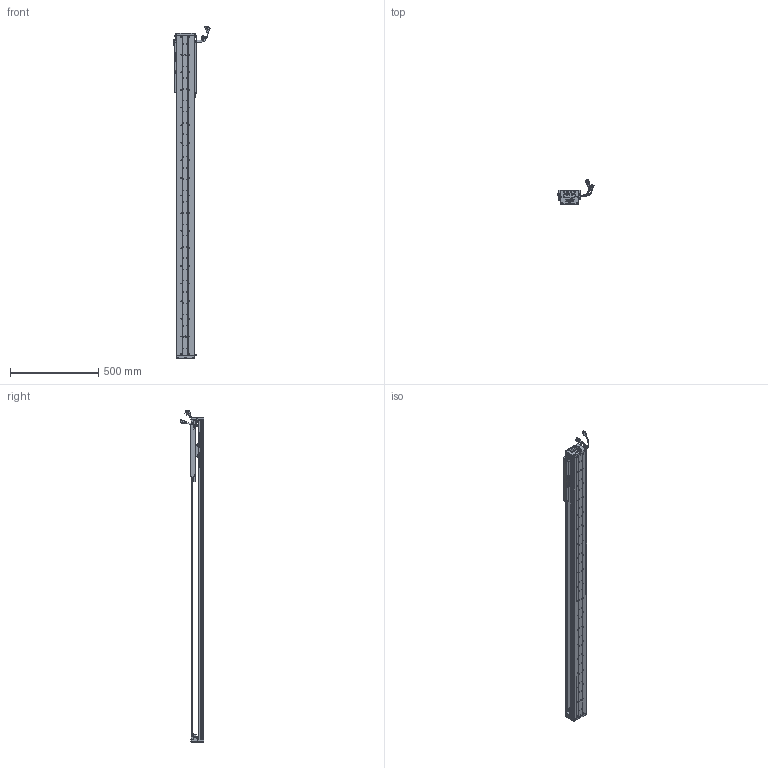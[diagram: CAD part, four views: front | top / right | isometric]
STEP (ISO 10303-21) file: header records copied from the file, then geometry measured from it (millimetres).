
FILE_DESCRIPTION (( 'STEP AP203' ), '1' );
FILE_NAME ('Z4-RY100D-1-L500-B-K.SLDASM_1450.step', '2021-05-17T03:02:59', ( '盈信电脑' ), ( '东莞市道滘镇水果街19号' ), 'SwSTEP 2.0', 'SolidWorks 2016', '' );
FILE_SCHEMA (( 'CONFIG_CONTROL_DESIGN' ));
Length unit declared in the file: millimetre
Products named in the file (36): Z-100詩湍傷裔啣; Z-RY100D詩湍奻揤裔; 140蚥薯蝶輸; 榋妏寠巭燃_暯_M2_2; COVER; Z4-RY100D-500-倰第菁釱_1450; SCREW-M1.7-1; SEAL-Part-1; Z4-RY100D-1-L500-B-K.SLDASM_1450; SCREW-M1.7; Z4-RY100-L500詩湍90mm遵_1450; SCREW-M1.6; SCREW-M1.6-1; SCALE-Part-1; COVER-Part-1; PBU_SHEET; HARNESS-Part-2; SCREW-M1.6-2; SCALE; Z4-RY100铝滑块（21款）; LABEL-Part-1; 140雄赽晤鎢ん堤盄; LABEL; 覜茼ん672; Z-RY100D覜茼んえ; SHIELDPLATE; SCREW-M1.6-3; PSLH080_PSLF2; 080黍杅芛假蚾釱21遴; Z-RY100D詩湍狟揤裔; SCALE-Part-2; 100-Z-臏賑輸盄裔(21遴); HARNESS; SEAL; HOLDER0; HARNESS-Part-1
Assembly tree (43 placements, depth 4):
  Z4-RY100D-1-L500-B-K.SLDASM_1450
    Z4-RY100D-500-倰第菁釱_1450
    Z4-RY100铝滑块（21款）
    PSLH080_PSLF2
      SCALE
        SCALE-Part-1
        SCALE-Part-2
      HARNESS
        HARNESS-Part-1
        HARNESS-Part-2
      LABEL
        LABEL-Part-1
      COVER
        COVER-Part-1
      SEAL
        SEAL-Part-1
      榋妏寠巭燃_暯_M2_2
      SHIELDPLATE
      SCREW-M1.7
      SCREW-M1.7-1
      PBU_SHEET
      SCREW-M1.6
      SCREW-M1.6-1
      SCREW-M1.6-2
      SCREW-M1.6-3
      HOLDER0
    080黍杅芛假蚾釱21遴
    Z-100詩湍傷裔啣  x2
    140蚥薯蝶輸  x2
    覜茼ん672  x3
    Z-RY100D覜茼んえ  x3
    100-Z-臏賑輸盄裔(21遴)
    140雄赽晤鎢ん堤盄
    Z4-RY100-L500詩湍90mm遵_1450
    Z-RY100D詩湍狟揤裔  x2
    Z-RY100D詩湍奻揤裔  x2
Bounding box: 205.83 x 136.11 x 1885.43 mm (x, y, z)
Volume: 3741326.6 mm3; surface area: 1440649.9 mm2
Topology: 38 solids, 38 shells, 2810 faces, 7531 edges, 4788 vertices
Faces by surface type: cylinder 1306, plane 1156, cone 226, torus 69, bspline 53
Entity records: 79075 total; most frequent: CARTESIAN_POINT 16602, DIRECTION 12655, ORIENTED_EDGE 11942, EDGE_CURVE 5971, AXIS2_PLACEMENT_3D 4713, VERTEX_POINT 3856, VECTOR 3229, LINE 3229

^^^^^^^^^^^^^^^^

WHAT YOU NEED TO DO
Provide the number of lines in the entries above on which the string "surface" is found, and no other text.

RESPONSE
2